[HOW TO COMPLETE THIS TASK]
The expected output is each line below containing "VECTOR", copied in full.

[LISTED RECORDS]
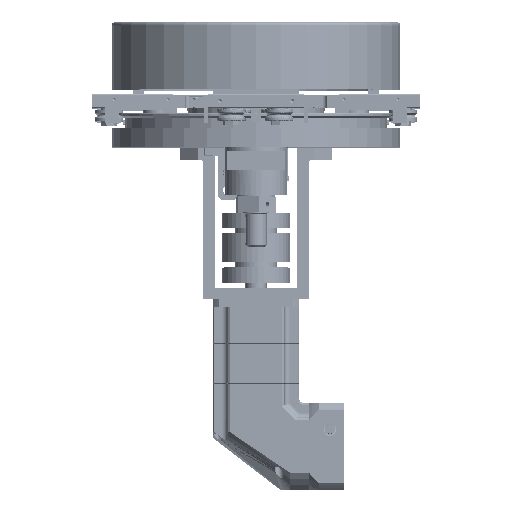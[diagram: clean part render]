
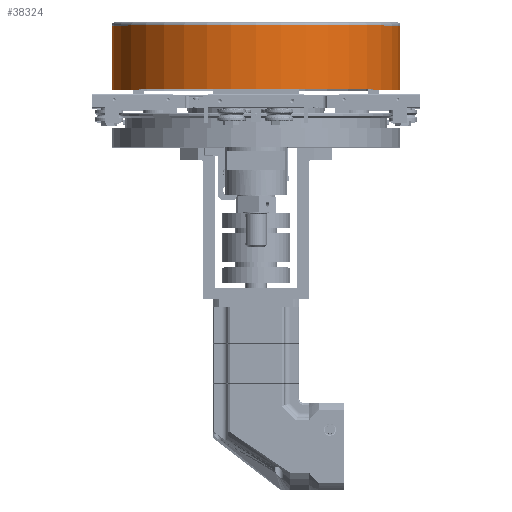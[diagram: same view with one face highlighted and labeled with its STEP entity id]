
A CAD part, top view. The second image highlights one B-rep face of the part: STEP entity #38324.
In plain terms, the highlighted cylindrical face has radius 150 mm (diameter 300 mm), a partial arc.
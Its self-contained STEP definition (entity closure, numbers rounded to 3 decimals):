
#585 = CARTESIAN_POINT ( 'NONE',  ( -210.75, 149.998, -3.5 ) ) ;
#3772 = CARTESIAN_POINT ( 'NONE',  ( -210., 0., -1.5 ) ) ;
#4380 = ORIENTED_EDGE ( 'NONE', *, *, #72769, .T. ) ;
#5616 = DIRECTION ( 'NONE',  ( 1., 0., 0. ) ) ;
#6295 = LINE ( 'NONE', #17765, #69841 ) ;
#17765 = CARTESIAN_POINT ( 'NONE',  ( -210., -150., -1.5 ) ) ;
#20331 = CIRCLE ( 'NONE', #39519, 150. ) ;
#24334 = FACE_OUTER_BOUND ( 'NONE', #92084, .T. ) ;
#38324 = ADVANCED_FACE ( 'NONE', ( #24334 ), #155380, .T. ) ;
#39519 = AXIS2_PLACEMENT_3D ( 'NONE', #113224, #89841, #63126 ) ;
#42796 = CARTESIAN_POINT ( 'NONE',  ( -210., 0., -3.5 ) ) ;
#52563 = AXIS2_PLACEMENT_3D ( 'NONE', #42796, #69443, #5616 ) ;
#53057 = VERTEX_POINT ( 'NONE', #154628 ) ;
#53970 = EDGE_CURVE ( 'NONE', #149539, #53057, #6295, .T. ) ;
#57267 = ORIENTED_EDGE ( 'NONE', *, *, #107619, .F. ) ;
#63126 = DIRECTION ( 'NONE',  ( 1., 0., 0. ) ) ;
#69443 = DIRECTION ( 'NONE',  ( 0., 0., 1. ) ) ;
#69841 = VECTOR ( 'NONE', #118899, 1000. ) ;
#72769 = EDGE_CURVE ( 'NONE', #97191, #53057, #20331, .T. ) ;
#80401 = DIRECTION ( 'NONE',  ( 0., 0., 1. ) ) ;
#89841 = DIRECTION ( 'NONE',  ( 0., 0., 1. ) ) ;
#89907 = VECTOR ( 'NONE', #137210, 1000. ) ;
#92084 = EDGE_LOOP ( 'NONE', ( #4380, #157652, #57267, #156439 ) ) ;
#93777 = EDGE_CURVE ( 'NONE', #161509, #97191, #131623, .T. ) ;
#97191 = VERTEX_POINT ( 'NONE', #163768 ) ;
#107619 = EDGE_CURVE ( 'NONE', #161509, #149539, #117373, .T. ) ;
#113224 = CARTESIAN_POINT ( 'NONE',  ( -210., 0., -70. ) ) ;
#117373 = CIRCLE ( 'NONE', #52563, 150. ) ;
#118899 = DIRECTION ( 'NONE',  ( 0., 0., -1. ) ) ;
#119116 = AXIS2_PLACEMENT_3D ( 'NONE', #3772, #80401, #156921 ) ;
#131623 = LINE ( 'NONE', #149951, #89907 ) ;
#137210 = DIRECTION ( 'NONE',  ( 0., 0., -1. ) ) ;
#141462 = CARTESIAN_POINT ( 'NONE',  ( -210., -150., -3.5 ) ) ;
#149539 = VERTEX_POINT ( 'NONE', #141462 ) ;
#149951 = CARTESIAN_POINT ( 'NONE',  ( -210.75, 149.998, -1.5 ) ) ;
#154628 = CARTESIAN_POINT ( 'NONE',  ( -210., -150., -70. ) ) ;
#155380 = CYLINDRICAL_SURFACE ( 'NONE', #119116, 150. ) ;
#156439 = ORIENTED_EDGE ( 'NONE', *, *, #93777, .T. ) ;
#156921 = DIRECTION ( 'NONE',  ( 1., 0., 0. ) ) ;
#157652 = ORIENTED_EDGE ( 'NONE', *, *, #53970, .F. ) ;
#161509 = VERTEX_POINT ( 'NONE', #585 ) ;
#163768 = CARTESIAN_POINT ( 'NONE',  ( -210.75, 149.998, -70. ) ) ;

[ANSWER FOR THIS EXERCISE]
#69841 = VECTOR ( 'NONE', #118899, 1000. ) ;
#89907 = VECTOR ( 'NONE', #137210, 1000. ) ;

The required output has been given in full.